(Data extracted from a collection)
⁂
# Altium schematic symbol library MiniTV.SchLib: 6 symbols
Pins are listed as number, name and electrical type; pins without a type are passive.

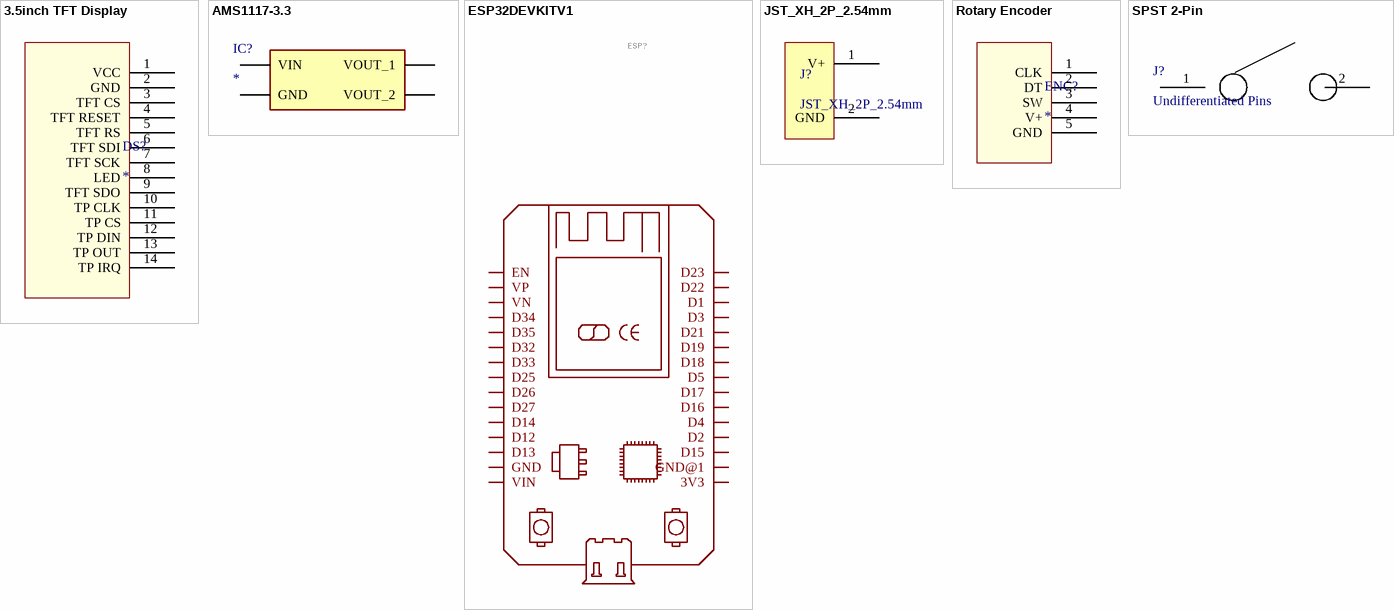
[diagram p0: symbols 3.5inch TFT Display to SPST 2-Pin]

## 3.5inch TFT Display
designator DS?
footprint 3.5inch SPI Display
pins: 1 VCC, 2 GND, 3 TFT CS, 4 TFT RESET, 5 TFT RS, 6 TFT SDI, 7 TFT SCK, 8 LED, 9 TFT SDO, 10 TP CLK, 11 TP CS, 12 TP DIN, 13 TP OUT, 14 TP IRQ

## AMS1117-3.3
designator IC?
Integrated Circuit; Manufacturer_Name: Advanced Monolithic Systems; Manufacturer_Part_Number: AMS1117-3.3
footprint SOT229P700X180-4N
pins: 1 GND, 2 VOUT_1, 3 VIN, 4 VOUT_2

## ESP32DEVKITV1
designator ESP?, comment https://github.com/shridattdudhat  (value not drawn)
GateName_1: G$1; SymbolName_1: ESP32-DEVKITV1; DeviceSetName: ESP32DEVKITV1
footprint ESP32-DEVKITV1
pins: 3V3 (io), D1 (io), D2 (io), D3 (io), D4 (io), D5 (io), D12 (io), D13 (io), D14 (io), D15 (io), D16 (io), D17 (io), D18 (io), D19 (io), D21 (io), D22 (io), D23 (io), D25 (io), D26 (io), D27 (io), D32 (io), D33 (io), D34 (io), D35 (io), EN (io), GND (io), GND@1 (io), VIN (io), VN (io), VP (io)

## JST_XH_2P_2.54mm
designator J?
footprint JST_XH_2P_2.54mm
pins: 1 V+, 2 GND

## Rotary Encoder
designator ENC?
footprint Rotary Encoder
pins: 1 CLK, 2 DT, 3 SW, 4 V+, 5 GND

## SPST 2-Pin
designator J?, comment Undifferentiated Pins
footprint 2-Pin 2.54mm
pins: 1, 2
⁂
Return the lines above precisely as they appear, beginning at the first line and ending at the line with "Pins are listed", and nothing after it.

# Altium schematic symbol library MiniTV.SchLib: 6 symbols
Pins are listed as number, name and electrical type; pins without a type are passive.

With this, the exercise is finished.